(Items listed in a dataset)

-- -- --

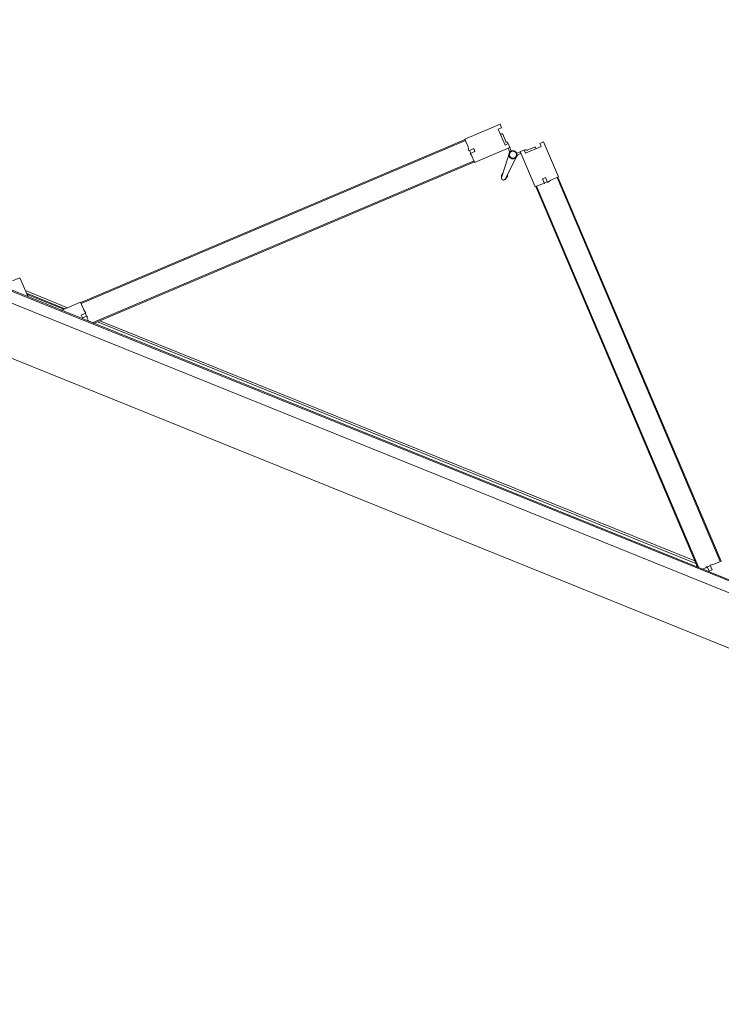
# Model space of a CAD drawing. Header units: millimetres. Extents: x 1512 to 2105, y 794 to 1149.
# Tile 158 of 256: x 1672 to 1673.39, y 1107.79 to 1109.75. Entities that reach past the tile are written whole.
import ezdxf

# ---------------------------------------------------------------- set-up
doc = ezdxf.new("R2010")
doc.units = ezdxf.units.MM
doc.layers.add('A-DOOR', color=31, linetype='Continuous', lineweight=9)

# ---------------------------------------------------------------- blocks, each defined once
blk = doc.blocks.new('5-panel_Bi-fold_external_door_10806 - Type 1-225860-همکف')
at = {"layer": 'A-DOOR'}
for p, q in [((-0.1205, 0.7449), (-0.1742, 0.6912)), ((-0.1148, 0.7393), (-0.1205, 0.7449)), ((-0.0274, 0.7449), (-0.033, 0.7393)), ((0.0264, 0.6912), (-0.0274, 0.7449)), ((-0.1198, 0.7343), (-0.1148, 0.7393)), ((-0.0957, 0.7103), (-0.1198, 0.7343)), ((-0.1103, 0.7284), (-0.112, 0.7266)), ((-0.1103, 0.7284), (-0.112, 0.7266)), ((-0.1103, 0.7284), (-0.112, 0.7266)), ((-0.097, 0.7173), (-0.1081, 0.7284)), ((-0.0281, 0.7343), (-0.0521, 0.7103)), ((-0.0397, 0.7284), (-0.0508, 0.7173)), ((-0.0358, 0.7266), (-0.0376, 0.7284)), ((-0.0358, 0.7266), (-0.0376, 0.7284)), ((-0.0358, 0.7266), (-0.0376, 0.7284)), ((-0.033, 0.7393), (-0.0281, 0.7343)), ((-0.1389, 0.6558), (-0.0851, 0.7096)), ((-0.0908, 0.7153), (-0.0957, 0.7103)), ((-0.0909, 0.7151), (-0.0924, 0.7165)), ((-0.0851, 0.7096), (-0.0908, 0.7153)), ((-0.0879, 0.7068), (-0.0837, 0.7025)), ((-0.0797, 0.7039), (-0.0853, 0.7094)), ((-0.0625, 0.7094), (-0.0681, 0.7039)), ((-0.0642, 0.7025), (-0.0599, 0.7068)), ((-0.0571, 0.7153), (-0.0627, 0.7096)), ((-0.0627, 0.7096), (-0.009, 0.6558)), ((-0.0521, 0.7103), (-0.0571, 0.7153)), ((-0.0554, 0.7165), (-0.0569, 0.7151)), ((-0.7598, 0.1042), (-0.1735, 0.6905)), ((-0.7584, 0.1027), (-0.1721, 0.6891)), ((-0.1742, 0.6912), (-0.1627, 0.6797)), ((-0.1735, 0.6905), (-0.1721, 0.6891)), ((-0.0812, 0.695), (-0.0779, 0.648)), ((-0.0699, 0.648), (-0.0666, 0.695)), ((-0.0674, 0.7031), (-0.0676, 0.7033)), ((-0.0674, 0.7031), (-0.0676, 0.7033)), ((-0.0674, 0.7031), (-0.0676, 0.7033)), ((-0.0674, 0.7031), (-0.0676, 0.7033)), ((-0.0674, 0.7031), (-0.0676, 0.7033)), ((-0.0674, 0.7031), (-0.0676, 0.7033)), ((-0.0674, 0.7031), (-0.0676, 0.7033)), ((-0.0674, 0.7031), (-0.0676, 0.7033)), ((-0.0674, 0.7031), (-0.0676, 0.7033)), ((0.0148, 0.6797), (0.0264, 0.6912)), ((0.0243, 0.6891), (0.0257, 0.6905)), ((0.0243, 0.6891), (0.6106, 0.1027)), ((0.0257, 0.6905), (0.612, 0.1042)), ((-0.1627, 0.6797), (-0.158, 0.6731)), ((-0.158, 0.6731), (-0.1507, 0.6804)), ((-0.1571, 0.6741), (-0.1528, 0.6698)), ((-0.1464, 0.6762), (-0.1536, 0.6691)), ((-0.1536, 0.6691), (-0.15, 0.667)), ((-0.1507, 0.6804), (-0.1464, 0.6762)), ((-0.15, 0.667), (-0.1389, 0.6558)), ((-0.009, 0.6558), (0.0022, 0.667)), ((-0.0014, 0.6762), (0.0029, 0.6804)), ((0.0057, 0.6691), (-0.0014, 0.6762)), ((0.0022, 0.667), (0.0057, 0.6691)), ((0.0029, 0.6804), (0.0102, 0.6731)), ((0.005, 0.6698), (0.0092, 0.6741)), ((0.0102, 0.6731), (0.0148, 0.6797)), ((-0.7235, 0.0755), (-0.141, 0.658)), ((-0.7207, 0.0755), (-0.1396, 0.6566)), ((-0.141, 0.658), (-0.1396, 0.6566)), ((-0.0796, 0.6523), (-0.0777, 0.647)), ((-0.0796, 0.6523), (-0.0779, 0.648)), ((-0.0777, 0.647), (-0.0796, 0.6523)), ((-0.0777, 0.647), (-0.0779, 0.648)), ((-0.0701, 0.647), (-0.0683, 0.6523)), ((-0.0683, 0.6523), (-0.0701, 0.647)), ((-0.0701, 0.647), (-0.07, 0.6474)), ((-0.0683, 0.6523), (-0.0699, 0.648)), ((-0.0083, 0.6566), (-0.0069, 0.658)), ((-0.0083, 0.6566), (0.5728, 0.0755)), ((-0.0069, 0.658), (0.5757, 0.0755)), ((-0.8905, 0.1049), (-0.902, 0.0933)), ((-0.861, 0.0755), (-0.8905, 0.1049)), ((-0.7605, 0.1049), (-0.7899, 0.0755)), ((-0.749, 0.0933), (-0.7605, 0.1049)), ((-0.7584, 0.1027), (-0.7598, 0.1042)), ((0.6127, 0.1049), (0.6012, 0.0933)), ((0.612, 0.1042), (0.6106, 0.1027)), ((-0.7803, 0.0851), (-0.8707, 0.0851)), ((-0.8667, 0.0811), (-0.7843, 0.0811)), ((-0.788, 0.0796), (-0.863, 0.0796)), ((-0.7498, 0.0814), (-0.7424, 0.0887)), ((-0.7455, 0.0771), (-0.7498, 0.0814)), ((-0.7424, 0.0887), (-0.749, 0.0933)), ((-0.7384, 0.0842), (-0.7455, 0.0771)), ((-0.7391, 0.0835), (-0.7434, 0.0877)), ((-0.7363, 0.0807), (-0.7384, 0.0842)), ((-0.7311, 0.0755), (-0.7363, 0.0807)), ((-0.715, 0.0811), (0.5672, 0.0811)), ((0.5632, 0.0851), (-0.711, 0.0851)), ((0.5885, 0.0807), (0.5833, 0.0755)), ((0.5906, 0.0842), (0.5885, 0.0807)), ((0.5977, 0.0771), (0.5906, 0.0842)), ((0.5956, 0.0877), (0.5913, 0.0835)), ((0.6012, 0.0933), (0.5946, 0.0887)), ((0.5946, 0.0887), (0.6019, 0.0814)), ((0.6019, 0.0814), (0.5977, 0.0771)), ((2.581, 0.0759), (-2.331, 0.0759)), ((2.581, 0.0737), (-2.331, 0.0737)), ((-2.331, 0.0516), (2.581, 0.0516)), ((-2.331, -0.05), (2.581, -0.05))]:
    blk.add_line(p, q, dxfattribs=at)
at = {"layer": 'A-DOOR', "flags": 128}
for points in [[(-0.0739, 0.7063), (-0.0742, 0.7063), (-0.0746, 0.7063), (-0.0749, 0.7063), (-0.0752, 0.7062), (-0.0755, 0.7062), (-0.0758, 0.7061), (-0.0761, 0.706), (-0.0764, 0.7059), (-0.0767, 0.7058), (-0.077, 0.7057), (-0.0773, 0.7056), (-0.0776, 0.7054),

-- -- --

• [Activity]:
Lines from the entries that contain the string "units" must be found and copied.

• [Response to this exercise]:
# Model space of a CAD drawing. Header units: millimetres. Extents: x 1512 to 2105, y 794 to 1149.
doc.units = ezdxf.units.MM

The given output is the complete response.